Excerpts from a dataset:
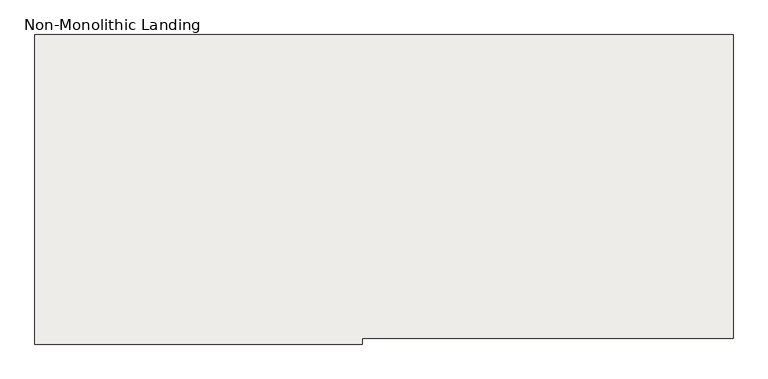
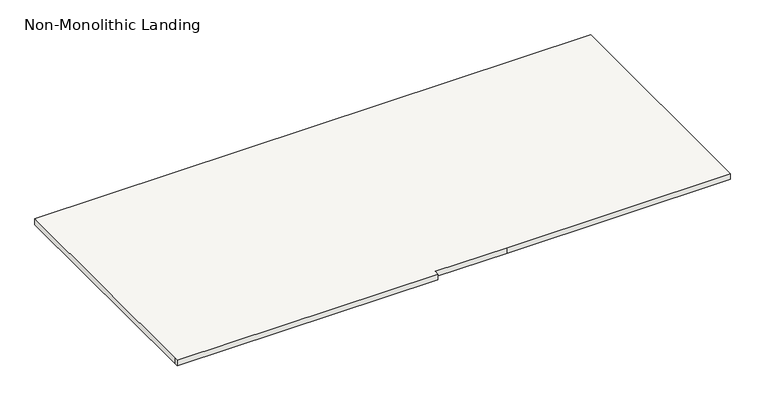
"""IFC4 building model written with IfcOpenShell, lengths in millimetres: slab geometry, Non-Monolithic Landing."""

from ifc_helpers import new_model, si_unit, frame, origin, place, context, project, spatial, polyline, outline, extrude, source, transform, mapped, element, save


def non_monolithic_landing_f0fc5e98(model_context):
    return source(origin(), model_context, "Body", "SweptSolid", [
        extrude(outline(polyline([(-22581.8414763, -9454.4070712), (-22877.1164763, -9454.4070712), (-22877.1164763, -9473.4570712), (-23943.9164763, -9473.4570712), (-23943.9164763, -9454.4070712), (-23943.9164763, -8463.8070712), (-21667.4414763, -8463.8070712), (-21667.4414763, -9454.4070712), (-22581.8414763, -9454.4070712)])), frame((0.0, 0.0, 1318.4782813), z_axis=(0.0, 0.0, 1.0), x_axis=(1.0, 0.0, 0.0)), (0.0, 0.0, 1.0), 23.9117187),
    ])


if __name__ == "__main__":
    model = new_model("IFC4")
    model_context = context("Model", 3, world=origin())
    ifc_project = project(units=[si_unit("LENGTHUNIT", "METRE", prefix="MILLI")], contexts=[model_context])
    site = spatial("IfcSite", under=ifc_project)
    building = spatial("IfcBuilding", under=site)
    placement = place(None, origin())
    non_monolithic_landing_shape = non_monolithic_landing_f0fc5e98(model_context)
    element("IfcSlab", 1, ObjectType="Non-Monolithic Landing", at=placement, inside=building, context=model_context, shape_type="MappedRepresentation", body=[
        mapped(non_monolithic_landing_shape, transform((0.0, 0.0, 0.0), x_axis=(1.0, 0.0, 0.0), y_axis=(0.0, 1.0, 0.0), z_axis=(0.0, 0.0, 1.0))),
    ])
    save(model, "model.ifc")

# Revit data of these elements
# Element 1 (IfcSlab, "Non-Monolithic Landing")
#   Materials on its faces: "DEFAULT DOOR"
# Materials
#   "DEFAULT DOOR": class "Generic", colour RGB 216 216 216, transparency 0, Cost = 0

Description of the task:
The reply is to be all the records above, transcribed exactly, with no pictures.

Output of the exercise:
"""IFC4 building model written with IfcOpenShell, lengths in millimetres: slab geometry, Non-Monolithic Landing."""

from ifc_helpers import new_model, si_unit, frame, origin, place, context, project, spatial, polyline, outline, extrude, source, transform, mapped, element, save


def non_monolithic_landing_f0fc5e98(model_context):
    return source(origin(), model_context, "Body", "SweptSolid", [
        extrude(outline(polyline([(-22581.8414763, -9454.4070712), (-22877.1164763, -9454.4070712), (-22877.1164763, -9473.4570712), (-23943.9164763, -9473.4570712), (-23943.9164763, -9454.4070712), (-23943.9164763, -8463.8070712), (-21667.4414763, -8463.8070712), (-21667.4414763, -9454.4070712), (-22581.8414763, -9454.4070712)])), frame((0.0, 0.0, 1318.4782813), z_axis=(0.0, 0.0, 1.0), x_axis=(1.0, 0.0, 0.0)), (0.0, 0.0, 1.0), 23.9117187),
    ])


if __name__ == "__main__":
    model = new_model("IFC4")
    model_context = context("Model", 3, world=origin())
    ifc_project = project(units=[si_unit("LENGTHUNIT", "METRE", prefix="MILLI")], contexts=[model_context])
    site = spatial("IfcSite", under=ifc_project)
    building = spatial("IfcBuilding", under=site)
    placement = place(None, origin())
    non_monolithic_landing_shape = non_monolithic_landing_f0fc5e98(model_context)
    element("IfcSlab", 1, ObjectType="Non-Monolithic Landing", at=placement, inside=building, context=model_context, shape_type="MappedRepresentation", body=[
        mapped(non_monolithic_landing_shape, transform((0.0, 0.0, 0.0), x_axis=(1.0, 0.0, 0.0), y_axis=(0.0, 1.0, 0.0), z_axis=(0.0, 0.0, 1.0))),
    ])
    save(model, "model.ifc")

# Revit data of these elements
# Element 1 (IfcSlab, "Non-Monolithic Landing")
#   Materials on its faces: "DEFAULT DOOR"
# Materials
#   "DEFAULT DOOR": class "Generic", colour RGB 216 216 216, transparency 0, Cost = 0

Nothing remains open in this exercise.